**EXERCISE DIRECTIONS**
Search the records below for the word "layer" and show every line where it occurs.

**DATA FOR PROCESSING**
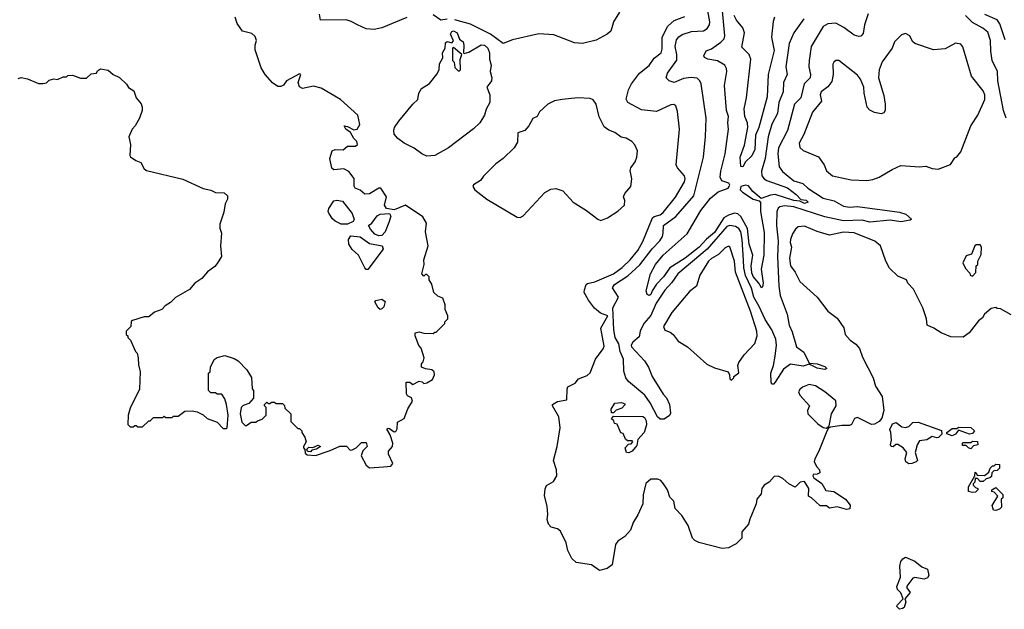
# Model space of a CAD drawing. Extents: x 2086813 to 2278017, y 548126 to 753336.
# Tile 265 of 461: x 2169805 to 2176140, y 679498 to 683288. Entities that reach past the tile are written whole.
import ezdxf

# ---------------------------------------------------------------- set-up
doc = ezdxf.new("R2010")
doc.units = 0

msp = doc.modelspace()

# ---------------------------------------------------------------- linework, layer by layer
at = {"layer": '0CON10XD'}
for points in [[(2174849.1, 683295), (2174785.3, 683204.7), (2174756.7, 683135), (2174733.8, 682985), (2174742.3, 682935), (2174720, 682885), (2174716.8, 682825), (2174689.4, 682755), (2174680, 682685), (2174643.7, 682616.3), (2174619.6, 682535), (2174601.6, 682395), (2174577.2, 682315), (2174580.3, 682285), (2174595, 682265.3), (2174612.7, 682255), (2174745, 682208), (2174801.8, 682165), (2174831.4, 682131.4), (2174865, 682128.1), (2174877.9, 682115), (2174855, 682107.6), (2174825, 682121.5), (2174785, 682125.6), (2174665, 682163.5), (2174635, 682159.5), (2174575, 682138.9), (2174522.7, 682182.7), (2174495, 682219.9), (2174474.5, 682225.5), (2174445, 682216.6), (2174441.3, 682195), (2174455, 682178.5), (2174525, 682133.7), (2174563.6, 682123.6), (2174572.2, 682112.2), (2174571.6, 682055), (2174595, 681921.2), (2174593.3, 681775), (2174575.3, 681685), (2174589.2, 681595), (2174585, 681570), (2174577.5, 681565), (2174561.1, 681595), (2174525, 681636.2), (2174515, 681660), (2174510.8, 681705), (2174521.8, 681775), (2174499.3, 681845), (2174488.2, 681945), (2174445, 682023.3), (2174425, 682039.8), (2174405, 682043.4), (2174365, 682030.9), (2174335, 682013.5), (2174275, 681920.5), (2174222.9, 681877.1), (2174175.6, 681825), (2174086.5, 681755), (2173987.3, 681692.7), (2173946.7, 681635), (2173901.2, 681588.8), (2173875.2, 681544.8), (2173865, 681521.9), (2173855, 681515.7), (2173841.3, 681521.3), (2173835.5, 681545.5), (2173863.6, 681655), (2173895, 681713.8), (2173945.3, 681775), (2174098.6, 681911.4), (2174187.6, 682062.4), (2174249.2, 682140.8), (2174298.4, 682181.6), (2174363.5, 682205), (2174370.2, 682215), (2174372.9, 682225), (2174367, 682237), (2174322.4, 682252.4), (2174311.9, 682275), (2174315.7, 682315), (2174343.9, 682426.1), (2174366.4, 682585), (2174361.8, 682625), (2174365.3, 682665), (2174351.8, 682705), (2174340.4, 682865), (2174355.5, 682955), (2174353.3, 682975), (2174342.2, 682995), (2174295, 683023), (2174232, 683035), (2174212, 683045), (2174207.1, 683055), (2174221.8, 683088.2), (2174255, 683100.8), (2174317.1, 683142.9), (2174336.8, 683165), (2174342, 683185), (2174320.2, 683415)], [(2172295, 683301.5), (2172135, 683236.9), (2172085, 683224.4), (2172035, 683229.2), (2171978.8, 683255), (2171937.8, 683277.8), (2171905, 683286.5), (2171740, 683285), (2171733.8, 683325)], [(2172555, 683291.4), (2172515, 683286), (2172465, 683320.2)], [(2173665, 683336.1), (2173625.4, 683275), (2173618.4, 683251.6), (2173608.6, 683215), (2173585.4, 683194.6), (2173514.1, 683155.9), (2173425, 683135.8), (2173375, 683140), (2173241.2, 683191.2), (2173145, 683198.1), (2172975, 683159.4), (2172915, 683135.8), (2172835.1, 683195.1), (2172705, 683259.5), (2172605, 683288.5)], [(2175265, 683326), (2175241.1, 683255), (2175231.3, 683198.7), (2175217.9, 683182.1), (2175205, 683179.4), (2175175, 683188.5), (2175107.4, 683237.4), (2175055, 683265.5), (2175005, 683260.9), (2174975, 683245.6), (2174896.5, 683115), (2174884.7, 683025.3), (2174882.1, 682985), (2174892.8, 682935), (2174890, 682915), (2174851.8, 682875), (2174831.2, 682785), (2174790, 682745), (2174744.2, 682575), (2174686.8, 682465), (2174682.1, 682425), (2174691.3, 682341.3), (2174713.3, 682313.3), (2174785, 682252.2), (2174844.5, 682234.5), (2174876.2, 682205), (2174975, 682140), (2175045, 682124.2), (2175105, 682089.8), (2175145, 682084.1), (2175195, 682087), (2175465, 682050.2), (2175507, 682037), (2175543.3, 682005), (2175535, 681998.8), (2175475, 681988.4), (2175405, 681998.7), (2175275, 681987.6), (2175225, 681999.7), (2175105, 681994.2), (2174985, 682021.6), (2174784.9, 682085.1), (2174725, 682090.9), (2174695.6, 682085), (2174685, 682076.2), (2174676.8, 682055), (2174675.3, 681965), (2174684.8, 681865), (2174681.2, 681765), (2174689.7, 681575), (2174698.8, 681515), (2174743.2, 681395), (2174755.4, 681325), (2174775, 681281.2), (2174803.5, 681185), (2174849.8, 681149.8), (2174885, 681080), (2174935, 681076.2), (2174985, 681059.1), (2174998.6, 681045), (2174985, 681040), (2174935, 681047.8), (2174885, 681073.3), (2174845, 681061), (2174765, 681073.6), (2174718.8, 681041.2), (2174665, 680958), (2174655, 680946), (2174644.2, 680945), (2174638.9, 680958.9), (2174637.8, 681015), (2174655.4, 681064.6), (2174665.2, 681124.8), (2174673.2, 681196.8), (2174670.4, 681235), (2174645, 681294.7), (2174601.5, 681361.5), (2174563.6, 681445), (2174528, 681505), (2174512.8, 681562.8), (2174474, 681644), (2174464, 681694), (2174462.5, 681742.5), (2174453.5, 681875), (2174444.5, 681925), (2174431.4, 681945), (2174409.4, 681959.4), (2174375, 681964.8), (2174355, 681958.9), (2174227.9, 681812.1), (2174039.5, 681655), (2174000.8, 681599.2), (2173955, 681548.7), (2173899.3, 681465), (2173865, 681386.9), (2173819.6, 681335), (2173797.6, 681285), (2173790, 681250), (2173749.6, 681215), (2173738.4, 681195), (2173740.5, 681185), (2173824.8, 681095), (2173850, 681055), (2173874, 680994), (2173945, 680880.8), (2173966.2, 680856.2), (2173986.7, 680815), (2173992.3, 680757.7), (2173985.9, 680744.1), (2173951.1, 680718.9), (2173925, 680719.1), (2173908.8, 680735), (2173861.8, 680825), (2173826.9, 680875), (2173721.5, 680961.5), (2173704, 680985), (2173692.4, 681027.6), (2173689.7, 681105), (2173668.3, 681155), (2173658.8, 681205), (2173636.8, 681245), (2173626.7, 681295), (2173621.8, 681435), (2173658.2, 681505), (2173620, 681565), (2173631.4, 681585), (2173718.6, 681641.4), (2173795, 681711.7), (2173875, 681814.2), (2173924, 681866), (2173940.6, 681895), (2173944.8, 681915.2), (2173946.2, 681965), (2174027.2, 682022.8), (2174141.3, 682155), (2174203.6, 682403.6), (2174217.7, 682535), (2174222.5, 682655), (2174189.6, 682875), (2174181.8, 682895), (2174163.4, 682913.4), (2174125.7, 682915.7), (2174075, 682910), (2174015, 682885.4), (2173984.2, 682895), (2173963.5, 682915), (2173973.5, 682945), (2174032.6, 683027.4), (2174033.4, 683065), (2174021.4, 683115), (2174031.7, 683158.3), (2174045, 683177.8), (2174066.4, 683193.6), (2174128.1, 683211.9), (2174205, 683216.9), (2174228, 683232), (2174244, 683255), (2174246.2, 683275), (2174232.2, 683345)], [(2176145, 683158), (2176111, 683261), (2176095, 683286.5), (2176015, 683322.7)], [(2172145, 680413.3), (2172191.7, 680418.3), (2172206.7, 680435), (2172177.5, 680495), (2172177.5, 680515), (2172203.8, 680545), (2172205.6, 680565.6), (2172188.3, 680618.3), (2172167.5, 680655), (2172175, 680662.5), (2172185, 680660), (2172215, 680637.5), (2172225, 680640), (2172233, 680657), (2172235, 680700), (2172277.5, 680725), (2172303, 680787), (2172332.5, 680835), (2172326.4, 680856.4), (2172300.7, 680870.7), (2172293.6, 680883.6), (2172291.7, 680958.3), (2172315, 680957.5), (2172335, 680942.5), (2172375, 680963.3), (2172395, 680960), (2172405, 680950), (2172425, 680952.5), (2172460, 680975), (2172473.3, 681005), (2172472.5, 681025), (2172456.1, 681036.1), (2172415, 681043.3), (2172390, 681055), (2172390, 681075), (2172401.7, 681088.3), (2172407.5, 681115), (2172387, 681177), (2172373, 681193), (2172350, 681255), (2172350, 681275), (2172375, 681282.5), (2172405, 681272.5), (2172465, 681270), (2172475, 681280), (2172485, 681280), (2172540, 681335), (2172540, 681345), (2172560, 681365), (2172560, 681385), (2172542.5, 681425), (2172542.5, 681455), (2172527, 681497), (2172495, 681510), (2172470, 681535), (2172457, 681587), (2172440, 681615), (2172440, 681635), (2172425, 681650), (2172415, 681650), (2172405, 681640), (2172392.5, 681655), (2172406.2, 681713.8), (2172406, 681745), (2172433.8, 681835), (2172415.6, 681925), (2172421.2, 681981.2), (2172398.3, 682021.7), (2172286.1, 682096.1), (2172215, 682066.2), (2172163.9, 682073.9), (2172151.2, 682095), (2172165, 682150), (2172127.5, 682205), (2172115, 682206.2), (2172055, 682168), (2172025, 682166.7), (2171995, 682193.3), (2171962.5, 682205), (2171957, 682217), (2171956.4, 682266.4), (2171923, 682313), (2171889.3, 682329.3), (2171825, 682322.5), (2171813.8, 682333.8), (2171801.2, 682395), (2171814.3, 682445.7), (2171835, 682454), (2171885, 682451.2), (2171914.2, 682475.8), (2171965, 682474.2), (2171978.8, 682485), (2171973.8, 682505), (2171954.6, 682524.6), (2171932.6, 682562.6), (2171904.2, 682585), (2171892.5, 682605), (2171915, 682602.5), (2171955, 682580.8), (2171976.5, 682583.5), (2171994.3, 682615), (2171981.2, 682675), (2171868.8, 682775), (2171745, 682848.8), (2171695, 682860), (2171625, 682845.7), (2171605, 682857.5), (2171596.4, 682885), (2171613.8, 682935), (2171605, 682940.8), (2171521.9, 682895), (2171501.6, 682868.4), (2171485, 682858.7), (2171465, 682857.9), (2171432.4, 682882.4), (2171384.4, 682935), (2171358, 682978), (2171320, 683095), (2171320, 683125), (2171328.6, 683155), (2171319.3, 683179.3), (2171298.7, 683198.7), (2171238.8, 683215), (2171203.6, 683263.6), (2171190.6, 683305)], [(2174134.5, 679955), (2174106.1, 680036.1), (2174065, 680100), (2174023.3, 680145), (2174013, 680193), (2173987.7, 680217.7), (2173972, 680265), (2173947.1, 680305), (2173929.2, 680325), (2173910, 680335), (2173865, 680334.3), (2173832.7, 680307.3), (2173816.4, 680233.6), (2173813.8, 680175), (2173782, 680105), (2173751.2, 680055), (2173734.2, 680005.8), (2173698, 679965), (2173653.8, 679936.2), (2173638.5, 679915), (2173616.1, 679783.9), (2173585, 679758.8), (2173535, 679746.7), (2173484.3, 679784.3), (2173385, 679798), (2173357.5, 679825), (2173332.2, 679875), (2173321.9, 679925), (2173285, 680000), (2173265, 680015.5), (2173225, 680025.6), (2173207.5, 680045), (2173198, 680075), (2173203.6, 680106.4), (2173199.3, 680160.7), (2173182.2, 680227.7), (2173185, 680272.5), (2173195, 680292.5), (2173240.4, 680319.6), (2173260, 680355), (2173258.2, 680395), (2173238.6, 680455), (2173262.9, 680545), (2173283.3, 680665), (2173274.3, 680734.3), (2173233.3, 680805), (2173233.1, 680815), (2173265, 680832.8), (2173326, 680844), (2173326.9, 680913.1), (2173332.5, 680927.5), (2173378.2, 680951.8), (2173400.8, 680979.2), (2173455, 681000), (2173475, 681017.5), (2173510, 681105), (2173558.3, 681171.7), (2173565, 681190), (2173543.1, 681305), (2173588, 681385), (2173541.7, 681401.7), (2173504.2, 681434.2), (2173464, 681485), (2173437.5, 681535), (2173437.9, 681552.1), (2173449.4, 681585), (2173457.6, 681592.4), (2173505, 681604), (2173625, 681653.4), (2173681.6, 681695), (2173733.5, 681745), (2173781.2, 681805), (2173815, 681861.4), (2173876.3, 682013.7), (2173887.3, 682022.7), (2173925, 682033), (2173945, 682047.9), (2174025, 682148.2), (2174081.9, 682245), (2174087.3, 682265), (2174083.3, 682285), (2174037.5, 682335), (2174028.5, 682355), (2174050, 682585), (2174037.2, 682697.2), (2174025.6, 682735), (2174013.2, 682743.2), (2173995, 682740.8), (2173902.8, 682697.2), (2173805, 682709.2), (2173717.5, 682755), (2173706.7, 682776.7), (2173722.8, 682837.3), (2173740.4, 682875), (2173792.2, 682945), (2173855, 682993.5), (2173887.9, 683042.1), (2173932.5, 683075), (2173939.5, 683100.5), (2173939.1, 683175), (2173974.1, 683245.9), (2174015, 683283.8), (2174085, 683308.2)], [(2174661.2, 683305), (2174652.9, 683277.1), (2174641.7, 683175), (2174659.1, 683090.9), (2174621.6, 682935), (2174613.5, 682793.5), (2174561, 682595), (2174539.4, 682545), (2174535, 682453.8), (2174515, 682413.8), (2174475, 682373.8), (2174456.8, 682343.2), (2174444.5, 682344.5), (2174439.7, 682405), (2174467.8, 682482.2), (2174489.6, 682595), (2174487.8, 682625), (2174469.6, 682665), (2174466.1, 682715), (2174480.5, 682785), (2174508.8, 683035), (2174498.4, 683065), (2174452.1, 683112.1), (2174468.2, 683205), (2174457, 683237), (2174416.3, 683286.3), (2174402.5, 683315)], [(2176151.4, 682655), (2176134.7, 682705), (2176098.7, 682895), (2176096.9, 682955), (2176061.8, 683025), (2176053.6, 683085), (2176052.2, 683155), (2176035, 683207.5), (2176002.3, 683235), (2175935, 683270.7), (2175890.4, 683315)], [(2172425, 682411.4), (2172391.2, 682425), (2172343, 682463), (2172278.8, 682495), (2172238, 682525), (2172215, 682553.3), (2172211.4, 682575), (2172216.2, 682595), (2172245, 682636.2), (2172335, 682746), (2172366.7, 682775), (2172372.9, 682815), (2172390.8, 682845), (2172442, 682878), (2172490, 682940), (2172502.7, 682967.3), (2172506.7, 683005), (2172527, 683043), (2172524.2, 683075), (2172543.3, 683105), (2172545, 683140), (2172555, 683147.5), (2172585, 683140), (2172597, 683153), (2172576.2, 683195), (2172585, 683213.3), (2172595, 683216.7), (2172620, 683205), (2172633.9, 683163.9), (2172657.5, 683145), (2172663.3, 683125), (2172660, 683075), (2172665, 683070), (2172695, 683080), (2172775, 683126.7), (2172795, 683125.7), (2172816.9, 683105), (2172827.9, 683075), (2172828.5, 683035), (2172837.3, 682995), (2172832.5, 682955), (2172842.9, 682915), (2172840.8, 682895), (2172829.5, 682880.5), (2172810, 682855), (2172828.8, 682805), (2172829.4, 682755), (2172806.7, 682713.3), (2172795.6, 682675), (2172765, 682626.2), (2172725, 682586), (2172563.8, 682465), (2172475, 682414.2), (2172425, 682411.4)], [(2175255, 682254.5), (2175295, 682260.6), (2175335, 682276), (2175417.5, 682325), (2175475, 682350), (2175595, 682342.5), (2175635, 682347.5), (2175675, 682332.5), (2175715, 682327.5), (2175793, 682357), (2175820.7, 682399.3), (2175835, 682407.5), (2175860.7, 682439.3), (2175925.6, 682605), (2175969.4, 682675), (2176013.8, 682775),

**WORKED SOLUTION**
# ---------------------------------------------------------------- linework, layer by layer
at = {"layer": '0CON10XD'}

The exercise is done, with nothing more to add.